Pascal Ah-Kine (Intern, University of Southampton)
Neil Robjohns (Company Supervisor, Barnett Waddingham)
Jon Forster (Academic Mentor, University of Southampton)
Melvin Brown (Technology Translator, Industrial Mathematics KTN)

This Internship project was hosted by Barnett Waddingham on behalf of The Actuarial Profession, in conjunction with the University of Southampton. It is part of the KTN's Industrial Mathematics Internships Programme, co-funded by EPSRC. Start date: October 2009; duration: 4 months.

Barnett Waddingham is an independent firm offering actuarial and consultancy services. The Intern worked with the firm’s Insurance Team, which provides actuarial advice and services in relation to life, health and general insurance.
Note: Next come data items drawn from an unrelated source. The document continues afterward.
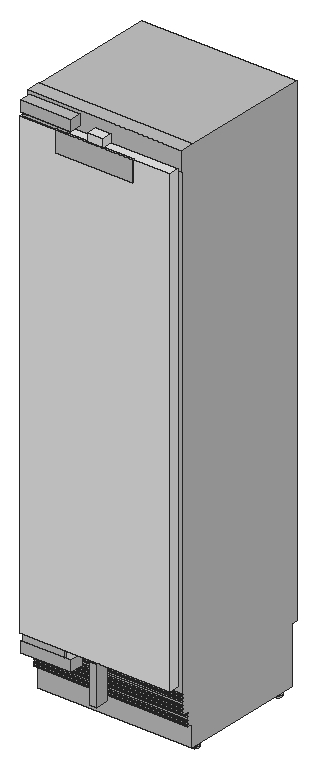
Revit family "FP_Revit_18_RS2484SLK1_Fridge_90001061A", category Specialty Equipment, Revit 2018
Family settings
  Round Connector Dimension = Use Diameter
  Part Type = Normal
  OmniClass Number = 23.40.40.11.11
  OmniClass Title = Refrigerators and Freezers
  Work Plane-Based = No
  Always vertical = Yes
  Cut with Voids When Loaded = Yes
  Shared = No
  Room Calculation Point = No
Parameters (values of type "RS2484SLK1")
  Visibility - Water Connection = no
  Visibility - Visibility Control Note = yes
  Visibility - Clearance Required = yes
  URL = "www.fisherpaykel.com"
  Stainless Steel Door Panels (RD2484L4D) = no
  Product - Width = 603 mm  # constant formula
  Product - Height = 2134 mm  # constant formula
  Product - Depth (exl front panel) = 610 mm  # constant formula
  Model = "RS2484SLK1"
  Material - Handle = Fisher & Paykel - Aluminium
  Material - Door Structure = Fisher & Paykel - White
  Material - Door Front = Fisher & Paykel - Stainless Steel
  Material - Body = Fisher & Paykel - Grey
  Manufacturer = "Fisher & Paykel Appliances"
  Handle Style - Professional Square (AHV2-RD84) = no
  Handle Style - Professional Round (AHC-RD84) = no
  Handle Style - Contemporary Square (AHD3-RD84) = no
  Handle Style - Contemporary Round (AHS-RD84) = no
  Description = "24\" Integrated Column Refrigerator, stainless steel interior"
  Connector Description - Water = "Water Supply not required"
  Connector Description - Electrical = "120 V, 10 amp fused electrical supply"
  Cavity - Width = 610 mm  # constant formula
  Cavity - Height = 2134 mm  # constant formula
  Cavity - Depth = 635 mm  # constant formula
Types (4, lengths in mm): name | Visibility - Water Connection | Model | Description | Connector Description - Water
  (no name) | no | "RS2484SLK1" | "24\" Integrated Column Refrigerator, stainless steel interior" | "Water Supply not required"
  RS2484SLK1 | no | "RS2484SLK1" | "24\" Integrated Column Refrigerator, stainless steel interior" | "Water Supply not required"
  RS2484SLHK1 | yes | "RS2484SLHK1" | "24\" Integrated Column Refrigerator with internal water, stainless steel interior" | "1/4\" (6mm) comp. stainless steel braided hose"
  RS2484SL1 | no | "RS2484SL1" | "24\" Integrated Column Refrigerator with white interior" | "Water Supply not required"
Reference planes
  plane 1 "Datum": y = 0
  plane 2: z = 0
  plane 3 "Center (Left/Right)": x = 0
  plane 4 "Product LHS": x = -301.5
  plane 5 "Product RHS": x = 301.5
  plane 6 "Product - Depth": y = 610
  plane 7 "Cavity LHS": x = -305
  plane 8 "Cavity RHS": x = 305
  plane 9 "Cavity - Depth": y = 612.9
  plane 10 "Handle Offset": x = 238.5
  plane 11 "Product Height": z = 2134
  plane 12 "Cavity Height": z = 2134
  plane 13 "Door Panel Datum": y = -4.1
Forms (mm)
  Extrusion 1, solid, material "Fisher & Paykel - Grey" <- "Material - Body", detail levels fine
    sketch origin (0, 0, 0) x (0, 1, 0) y (0, 0, 1)
      loop
        line (100.1, 19.1) -> (587.9, 19.1) -> (587.9, 239.7) -> (610, 239.7) -> (610, 2131.9) -> (105.1, 2131.9) -> (105.1, 2134) -> (49.9, 2134) -> (49.9, 2059) -> (56, 2059) -> (56, 228.6) -> (59.5, 228.6) -> (59.5, 219.7) -> (56.5, 219.7) -> (56.5, 215.9) -> (59.5, 215.9) -> (59.5, 207) -> (56.5, 207) -> (56.5, 203.2) -> (59.5, 203.2) -> (59.5, 194.3) -> (56.5, 194.3) -> (56.5, 190.5) -> (59.5, 190.5) -> (59.5, 181.6) -> (56.5, 181.6) -> (56.5, 177.8) -> (59.5, 177.8) -> (59.5, 168.9) -> (56.5, 168.9) -> (56.5, 165.1) -> (59.5, 165.1) -> (59.5, 156.2) -> (56.5, 156.2) -> (56.5, 152.4) -> (84.1, 152.4) -> (84.1, 143.5) -> (81.1, 143.5) -> (81.1, 139.7) -> (84.1, 139.7) -> (84.1, 130.8) -> (81.1, 130.8) -> (81.1, 127) -> (84.1, 127) -> (84.1, 118.1) -> (81.1, 118.1) -> (81.1, 114.3) -> (84.1, 114.3) -> (84.1, 105.4) -> (81.1, 105.4) -> (81.1, 101.6) -> (100.1, 101.6) -> (100.1, 19.1)
    from -301.5 to 301.5
  Extrusion 2, solid, material "Fisher & Paykel - Grey" <- "Material - Body"
    sketch origin (0, 0, 0) x (1, 0, 0) y (0, 1, 0)
      loop
        circle (-281, 547.8) r 4.1
      loop
        circle (-281, 141.8) r 4.1
      loop
        circle (281, 547.8) r 4.1
      loop
        circle (281, 141.8) r 4.1
    from 3 to 19.1
  Extrusion 3, solid, material "Fisher & Paykel - Grey" <- "Material - Body"
    sketch origin (0, 0, 0) x (1, 0, 0) y (0, 1, 0)
      loop
        circle (-281, 547.8) r 14.5
      loop
        circle (-281, 141.8) r 14.555
      loop
        circle (281, 547.8) r 14.5
      loop
        circle (281, 141.8) r 14.555
    from 0 to 3
  Extrusion 4, solid, material "Fisher & Paykel - Grey" <- "Material - Body", detail levels fine
    sketch origin (0, 0, 0) x (1, 0, 0) y (0, 1, 0)
      loop
        line (-7.5, 49) -> (-13.797, -4.1) -> (13.797, -4.1) -> (7.5, 49) -> (-7.5, 49)
    from 104.2 to 254.2
  Extrusion 5, solid, material "Fisher & Paykel - Grey" <- "Material - Body", detail levels fine
    sketch origin (0, 0, 0) x (0, 1, 0) y (0, 0, 1)
      loop
        line (0, 2070.6) -> (0, 1988.6) -> (2, 1988.6) -> (2, 2068.6) -> (4, 2068.6) -> (4, 2070.6) -> (0, 2070.6)
    from -150 to 150
  Extrusion 6, solid, material "Fisher & Paykel - Grey" <- "Material - Body"
    sketch origin (0, 0, 0) x (1, 0, 0) y (0, 0, 1)
      loop
        circle (226.5, 119.813) r 5
      loop
        circle (-226.5, 119.813) r 5
    from -590 to -587.9
  Extrusion 7, solid, material "Fisher & Paykel - White" <- "Material - Door Structure"
    sketch origin (0, 0, 0) x (1, 0, 0) y (0, 1, 0)
      loop
        line (-276.5, 56) -> (-276.5, 42) -> (276.5, 42) -> (276.5, 56) -> (-276.5, 56)
    from 269.6 to 2030.7
  Extrusion 8, solid, material "Fisher & Paykel - White" <- "Material - Door Structure"
    sketch origin (0, 0, 0) x (1, 0, 0) y (0, 1, 0)
      loop
        line (-292.9, 42) -> (-292.9, 3) -> (292.9, 3) -> (292.9, 42) -> (-292.9, 42)
    from 254.2 to 2068.6
  Extrusion 9, solid, material "Fisher & Paykel - White" <- "Material - Door Structure", detail levels fine
    sketch origin (0, 0, 0) x (1, 0, 0) y (0, 0, 1)
      loop
        line (-29.5, 2100.1) -> (-29.5, 2068.6) -> (29.5, 2068.6) -> (29.5, 2100.1) -> (-29.5, 2100.1)
    from -42 to -3
  Extrusion 10, solid, material "Fisher & Paykel - Stainless Steel" <- "Material - Door Front", visible <- "Stainless Steel Door Panels (RD2484L4D)"
    sketch origin (0, 0, 0) x (0, 1, 0) y (0, 0, 1)
      loop
        line (-22.1, 2130.8) -> (-22.1, 102) -> (-4.1, 102) -> (-4.1, 2130.8) -> (-22.1, 2130.8)
    from -301.5 to 301.5
  Extrusion 11, solid, material "Fisher & Paykel - Grey" <- "Material - Body", detail levels coarse+medium
    sketch origin (0, 0, 0) x (0, 1, 0) y (0, 0, 1)
      loop
        line (49.9, 2134) -> (49.9, 2059) -> (56, 2059) -> (56, 152.4) -> (81.1, 152.4) -> (81.1, 101.6) -> (100.1, 101.6) -> (100.1, 19.1) -> (587.9, 19.1) -> (587.9, 239.7) -> (610, 239.7) -> (610, 2134) -> (49.9, 2134)
    from -301.5 to 301.5
  Extrusion 12, solid, material "Fisher & Paykel - Grey" <- "Material - Body", detail levels fine
    sketch origin (0, 0, 0) x (-1, 0, 0) y (0, 0, -1)
      loop
        line (289.9, -187.65) -> (95.42, -187.65) -> (95.42, -229.75) -> (289.9, -229.75) -> (289.9, -187.65)
    from -56 to -2.5
  Extrusion 13, solid, material "Fisher & Paykel - Grey" <- "Material - Body", detail levels fine
    sketch origin (0, 0, 0) x (-1, 0, 0) y (0, 0, -1)
      loop
        line (289.9, -2123.15) -> (289.9, -2081.05) -> (95.42, -2081.05) -> (95.42, -2123.15) -> (289.9, -2123.15)
    from -49 to -2.5
  Extrusion 14, solid, material "Fisher & Paykel - Grey" <- "Material - Body", detail levels fine
    sketch origin (0, 0, -4) x (0, 1, 0) y (0, 0, 1)
      loop
        arc (163.888, 23.1) -> (180.4, 13.63) -> (196.912, 23.1) r 19.13
        line (196.912, 23.1) -> (163.888, 23.1)
      loop
        arc (493.888, 23.1) -> (510.4, 13.63) -> (526.912, 23.1) r 19.13
        line (526.912, 23.1) -> (493.888, 23.1)
    from 191 to 219
  Extrusion 15, solid, material "Fisher & Paykel - Grey" <- "Material - Body", detail levels fine
    sketch origin (0, 0, -4) x (0, 1, 0) y (0, 0, -1)
      loop
        line (163.888, -23.1) -> (196.912, -23.1)
        arc (196.912, -23.1) -> (180.4, -13.63) -> (163.888, -23.1) r 19.13
      loop
        line (493.888, -23.1) -> (526.912, -23.1)
        arc (526.912, -23.1) -> (510.4, -13.63) -> (493.888, -23.1) r 19.13
    from 191 to 219
  Extrusion 16, solid, material "Fisher & Paykel - Clearance Required", visible <- "Visibility - Clearance Required", detail levels coarse
    sketch origin (0, 0, 0) x (1, 0, 0) y (0, 1, 0)
      loop
        line (-305, 612.9) -> (-305, -4.1) -> (305, -4.1) -> (305, 612.9) -> (-305, 612.9)
    from 0 to 2134
  Extrusion 17, void
    sketch origin (0, 0, 0) x (1, 0, 0) y (0, 1, 0)
      loop
        line (-305, 612.9) -> (-305, -22.1) -> (305, -22.1) -> (305, 612.9) -> (-305, 612.9)
    from 0 to 2134
  Extrusion 18, solid, material "Fisher & Paykel - Clearance Required", visible <- "Visibility - Clearance Required", detail levels coarse
    sketch origin (0, 0, 0) x (-1, 0, 0) y (0, -1, 0)
      loop
        line (-301.5, 22.1) -> (301.5, 22.1)
        arc (301.5, 22.1) -> (310.616, 38.605) -> (329.441, 39.678) r 19.5
        line (329.441, 39.678) -> (550.259, 513.225) -> (574.757, 501.802)
        arc (574.757, 501.802) -> (598.013, 510.267) -> (589.549, 533.523) r 17.5
        line (589.549, 533.523) -> (565.051, 544.946) -> (584.28, 586.183)
        arc (584.28, 586.183) -> (-13.376, 547.171) -> (-301.5, 22.1) r 622.5
    from 0 to 2134
  Extrusion 19, solid, material "Fisher & Paykel - Grey" <- "Material - Body", detail levels fine
    sketch origin (0, 0, 0) x (-1, 0, 0) y (0, 0, -1)
      loop
        line (118.4, -254.2) -> (282.9, -254.2) -> (282.9, -229.75) -> (118.4, -229.75) -> (118.4, -254.2)
      loop
        line (106, -2081.05) -> (242.9, -2081.05) -> (282.9, -2076.05) -> (282.9, -2068.6) -> (106, -2068.6) -> (106, -2081.05)
    from -7 to -4
Lines and regions (mm)
  model lines, style "Fisher & Paykel"
    curve 1: line (-301.5, -4.1, 2130.8) -> (301.5, -4.1, 2130.8)
    curve 2: line (-301.5, -4.1, 102) -> (-301.5, -4.1, 2130.8)
    curve 3: line (301.5, -4.1, 102) -> (-301.5, -4.1, 102)
    curve 4: line (301.5, -4.1, 2130.8) -> (301.5, -4.1, 102)
Text (mm)
  text "Due to ongoing product development, product details are subject to change without notice. \nPlease always refer to www.fisherpaykel.com for the most current product information. \n© Fisher & Paykel 2020" at (41.04, -678.295, 0), in view "Ref. Level (Plan)"
Dimensions and locks
  equal spacing: plane 4 "Product LHS", plane 3 "Center (Left/Right)", plane 5 "Product RHS"
  "Product - Width": plane 4 "Product LHS" to plane 5 "Product RHS"
  "Product - Depth (exl front panel)": plane 1 "Datum" to plane 6 "Product - Depth"
  equal spacing: plane 7 "Cavity LHS", plane 3 "Center (Left/Right)", plane 8 "Cavity RHS"
  "Cavity - Width": plane 7 "Cavity LHS" to plane 8 "Cavity RHS"
  plane 4 "Product LHS" to Extrusion 2 sketch curve = 24.6 mm
  plane 4 "Product LHS" to plane 10 "Handle Offset" = 540 mm
  Extrusion 6 sketch curve to Extrusion 1 = 119.887 mm  (x2)
  Extrusion 6 sketch curve to plane 5 "Product RHS" = 75 mm
  plane 4 "Product LHS" to Extrusion 6 sketch curve = 75 mm
  Extrusion 1 sketch curve to Extrusion 1 sketch curve = 82.5 mm
  Extrusion 1 sketch curve to Extrusion 1 sketch curve = 209.5 mm
  Extrusion 3 to level = 3 mm
  Extrusion 11 to Extrusion 8 = 235.1 mm
  Extrusion 11 to Extrusion 7 = 250.5 mm
  Extrusion 11 to Extrusion 11 = 2114.9 mm
  Extrusion 11 to Extrusion 10 = 82.9 mm
  "Product - Height": level to plane 11 "Product Height"
  plane 11 "Product Height" to Extrusion 10 = 3.2 mm
  Extrusion 8 to plane 11 "Product Height" = 65.4 mm
  Extrusion 7 to plane 11 "Product Height" = 103.3 mm
  Extrusion 11 sketch curve to plane 11 "Product Height" = 75 mm
  Extrusion 1 sketch curve to plane 11 "Product Height" = 2.1 mm
  Extrusion 1 sketch curve to plane 11 "Product Height" = 75 mm
  "Cavity - Height": plane 12 "Cavity Height" to level
  plane 1 "Datum" to Extrusion 16 = 612.9 mm
  plane 1 "Datum" to Extrusion 17 = 612.9 mm
  Extrusion 19 sketch curve to Extrusion 19 sketch curve = 40 mm
  Extrusion 19 sketch curve to Extrusion 19 sketch curve = 176.9 mm
  plane 3 "Center (Left/Right)" to Extrusion 19 sketch curve = 106 mm
  plane 3 "Center (Left/Right)" to Extrusion 19 sketch curve = 118.4 mm
  plane 1 "Datum" to Extrusion 18 = 22.1 mm
  "Cavity - Depth": plane 9 "Cavity - Depth" to Extrusion 18
  plane 10 "Handle Offset" to plane 5 "Product RHS" = 63 mm
  radius of Extrusion 6 sketch curve = 5 mm
  aligned and locked: level to plane 2
  aligned and locked: Extrusion 10 to plane 5 "Product RHS"
  aligned and locked: plane 4 "Product LHS" to Extrusion 10
  aligned and locked: Extrusion 11 to plane 5 "Product RHS"
  aligned and locked: Extrusion 11 to plane 4 "Product LHS"
  aligned and locked: Extrusion 11 sketch curve to plane 11 "Product Height"
  aligned and locked: plane 11 "Product Height" to Extrusion 1 sketch curve
  aligned and locked: Extrusion 14 sketch curve to Extrusion 14 sketch curve
  aligned and locked: Extrusion 15 sketch curve to Extrusion 15 sketch curve
  aligned and locked: Extrusion 1 to plane 5 "Product RHS"
  aligned and locked: plane 4 "Product LHS" to Extrusion 1
  aligned and locked: Extrusion 2 to Extrusion 1
  aligned and locked: nested 5 to plane 10 "Handle Offset"
  aligned and locked: nested 4 to plane 10 "Handle Offset"
  aligned and locked: nested 3 to plane 10 "Handle Offset"
  aligned and locked: nested 2 to plane 10 "Handle Offset"
Automatic sketch dimensions
  Extrusion 2 sketch curve to plane 4 "Product LHS" = 20.5 mm  (x2)
  plane 5 "Product RHS" to Extrusion 2 sketch curve = 20.5 mm  (x2)
  Extrusion 2 sketch curve to plane 1 "Datum" = 141.8 mm  (x2)
  Extrusion 2 sketch curve to plane 6 "Product - Depth" = 62.2 mm  (x2)
  Extrusion 3 sketch curve to plane 4 "Product LHS" = 20.5 mm  (x2)
  plane 5 "Product RHS" to Extrusion 3 sketch curve = 20.5 mm  (x2)
  Extrusion 3 sketch curve to plane 1 "Datum" = 141.8 mm  (x2)
  Extrusion 3 sketch curve to plane 6 "Product - Depth" = 62.2 mm  (x2)
  plane 1 "Datum" to Extrusion 4 sketch curve = 4.1 mm
  Extrusion 4 sketch curve to plane 3 "Center (Left/Right)" = 13.797 mm
  Extrusion 4 sketch curve to plane 3 "Center (Left/Right)" = 7.5 mm
  plane 3 "Center (Left/Right)" to Extrusion 4 sketch curve = 7.5 mm
  plane 3 "Center (Left/Right)" to Extrusion 4 sketch curve = 13.797 mm
  Extrusion 4 sketch curve to plane 1 "Datum" = 49 mm
  Extrusion 5 sketch curve to plane 1 "Datum" = 0 mm
  Extrusion 5 sketch curve to plane 1 "Datum" = 2 mm
  Extrusion 5 sketch curve to Extrusion 5 sketch curve = 2 mm  (x2)
  plane 11 "Product Height" to Extrusion 5 sketch curve = 145.4 mm
  plane 11 "Product Height" to Extrusion 5 sketch curve = 65.4 mm
  Extrusion 7 sketch curve to plane 4 "Product LHS" = 25 mm
  plane 5 "Product RHS" to Extrusion 7 sketch curve = 25 mm
  Extrusion 7 sketch curve to plane 1 "Datum" = 42 mm
  Extrusion 7 sketch curve to Extrusion 7 sketch curve = 14 mm
  Extrusion 8 sketch curve to plane 1 "Datum" = 3 mm
  Extrusion 8 sketch curve to plane 4 "Product LHS" = 8.6 mm
  plane 5 "Product RHS" to Extrusion 8 sketch curve = 8.6 mm
  Extrusion 8 sketch curve to Extrusion 8 sketch curve = 39 mm
  Extrusion 9 sketch curve to plane 3 "Center (Left/Right)" = 29.5 mm
  plane 3 "Center (Left/Right)" to Extrusion 9 sketch curve = 29.5 mm
  plane 11 "Product Height" to Extrusion 9 sketch curve = 65.4 mm
  Extrusion 9 sketch curve to Extrusion 9 sketch curve = 31.5 mm
  plane 1 "Datum" to Extrusion 10 sketch curve = 22.1 mm
  plane 1 "Datum" to Extrusion 10 sketch curve = 4.1 mm
  level to Extrusion 10 sketch curve = 102 mm
  plane 11 "Product Height" to Extrusion 10 sketch curve = 3.2 mm
  plane 3 "Center (Left/Right)" to Extrusion 12 sketch curve = 95.42 mm
  plane 4 "Product LHS" to Extrusion 12 sketch curve = 11.6 mm
  Extrusion 12 sketch curve to level = 187.65 mm
  Extrusion 12 sketch curve to Extrusion 12 sketch curve = 42.1 mm
  Extrusion 13 sketch curve to plane 11 "Product Height" = 10.85 mm
  plane 3 "Center (Left/Right)" to Extrusion 13 sketch curve = 95.42 mm
  plane 4 "Product LHS" to Extrusion 13 sketch curve = 11.6 mm
  Extrusion 13 sketch curve to Extrusion 13 sketch curve = 42.1 mm
  Extrusion 14 sketch curve to plane 1 "Datum" = 163.888 mm
  Extrusion 14 sketch curve to Extrusion 14 sketch curve = 16.512 mm  (x2)
  Extrusion 14 sketch curve to plane 6 "Product - Depth" = 116.112 mm
  Extrusion 14 sketch curve to Extrusion 14 sketch curve = 9.66 mm  (x2)
  Extrusion 15 sketch curve to plane 1 "Datum" = 163.888 mm
  Extrusion 15 sketch curve to Extrusion 15 sketch curve = 16.512 mm  (x2)
  Extrusion 15 sketch curve to plane 6 "Product - Depth" = 116.112 mm
  Extrusion 15 sketch curve to Extrusion 15 sketch curve = 9.66 mm  (x2)
  Extrusion 16 sketch curve to plane 7 "Cavity LHS" = 0 mm
  Extrusion 16 sketch curve to plane 8 "Cavity RHS" = 0 mm
  Extrusion 16 sketch curve to plane 9 "Cavity - Depth" = 0 mm
  plane 1 "Datum" to Extrusion 16 sketch curve = 4.1 mm
  Extrusion 17 sketch curve to plane 7 "Cavity LHS" = 0 mm
  Extrusion 17 sketch curve to plane 8 "Cavity RHS" = 0 mm
  plane 9 "Cavity - Depth" to Extrusion 17 sketch curve = 0 mm
  plane 1 "Datum" to Extrusion 17 sketch curve = 22.1 mm
  Extrusion 18 sketch curve to Extrusion 18 sketch curve = 0 mm  (x2)
  Extrusion 18 sketch curve to plane 5 "Product RHS" = 0 mm
  Extrusion 18 sketch curve to plane 4 "Product LHS" = 0 mm
  Extrusion 18 sketch curve to plane 7 "Cavity LHS" = 16 mm
  Extrusion 18 sketch curve to Extrusion 18 sketch curve = 8.441 mm
  Extrusion 18 sketch curve to plane 7 "Cavity LHS" = 245.259 mm
  Extrusion 18 sketch curve to Extrusion 18 sketch curve = 14.792 mm
  Extrusion 18 sketch curve to Extrusion 18 sketch curve = 24.498 mm
  Extrusion 18 sketch curve to Extrusion 18 sketch curve = 7.396 mm  (x2)
  Extrusion 18 sketch curve to Extrusion 18 sketch curve = 19.229 mm
  Extrusion 18 sketch curve to plane 1 "Datum" = 586.183 mm
  Extrusion 18 sketch curve to Extrusion 18 sketch curve = 41.237 mm
  Extrusion 18 sketch curve to Extrusion 18 sketch curve = 15.86 mm
  Extrusion 19 sketch curve to plane 11 "Product Height" = 52.95 mm
  plane 4 "Product LHS" to Extrusion 19 sketch curve = 18.6 mm
  Extrusion 19 sketch curve to Extrusion 19 sketch curve = 5 mm
  Extrusion 19 sketch curve to Extrusion 19 sketch curve = 12.45 mm
  Extrusion 19 sketch curve to level = 254.2 mm
  Extrusion 19 sketch curve to Extrusion 19 sketch curve = 24.45 mm
  Extrusion 11 sketch curve to plane 6 "Product - Depth" = 0 mm
  Extrusion 11 sketch curve to plane 6 "Product - Depth" = 22.1 mm
  Extrusion 11 sketch curve to plane 1 "Datum" = 100.1 mm
  Extrusion 11 sketch curve to Extrusion 11 sketch curve = 19 mm
  Extrusion 11 sketch curve to plane 1 "Datum" = 56 mm
  Extrusion 11 sketch curve to plane 1 "Datum" = 49.9 mm
  level to Extrusion 11 sketch curve = 152.4 mm
  Extrusion 11 sketch curve to Extrusion 11 sketch curve = 50.8 mm
  level to Extrusion 11 sketch curve = 19.1 mm
  Extrusion 11 sketch curve to Extrusion 11 sketch curve = 220.6 mm
  level to Extrusion 14 sketch curve = 19.1 mm
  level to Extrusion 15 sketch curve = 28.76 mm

The Actuarial Profession’s Continuous Mortality Investigation (CMI) carries out research, on behalf of the UK actuarial profession, into the mortality and morbidity experience of various types of long-term insurance and pensions business. Barnett Waddingham provides secretariat services to the CMI. This internship project relates specifically to analysis of CMI data.

Barnett Waddingham sought to account for the nature of the CMI’s pooled data and the heterogeneity within it, dividing explanatory factors into publishable (eg: year, age, gender, duration) and non-publishable (eg: office). The aim was to develop a model to allow analysis and publication of mortality / morbidity experience adjusted for changes in the mix of data, by non-publishable variables, over other explanatory variables (particularly time). Model parameters were to be computed with estimates of uncertainty and the viability of approach were to be examined.

The intern developed Bayesian hierarchical statistical models to account for the variability in insurance data due to office mix. This required developing computational algorithms to obtain the required estimates (adjusted for office mix).

Project description

The CMI collects data from a large number of contributing insurance companies and pension schemes, and analyses and reports on the experience of the whole pool of data. The investigations are independent and continuous, based on annual collections of data. Confidentiality of each contributor’s own data and results is paramount. The pooled data provides a view of market-level experience and gives greater credibility of results for analyses at a more granular level than any contributors could obtain from their own data. However, as experience varies significantly between insurers, such analyses are vulnerable to distortions arising from variations in the mix of insurers. These distortions may particularly affect the apparent patterns of experience over time and across age.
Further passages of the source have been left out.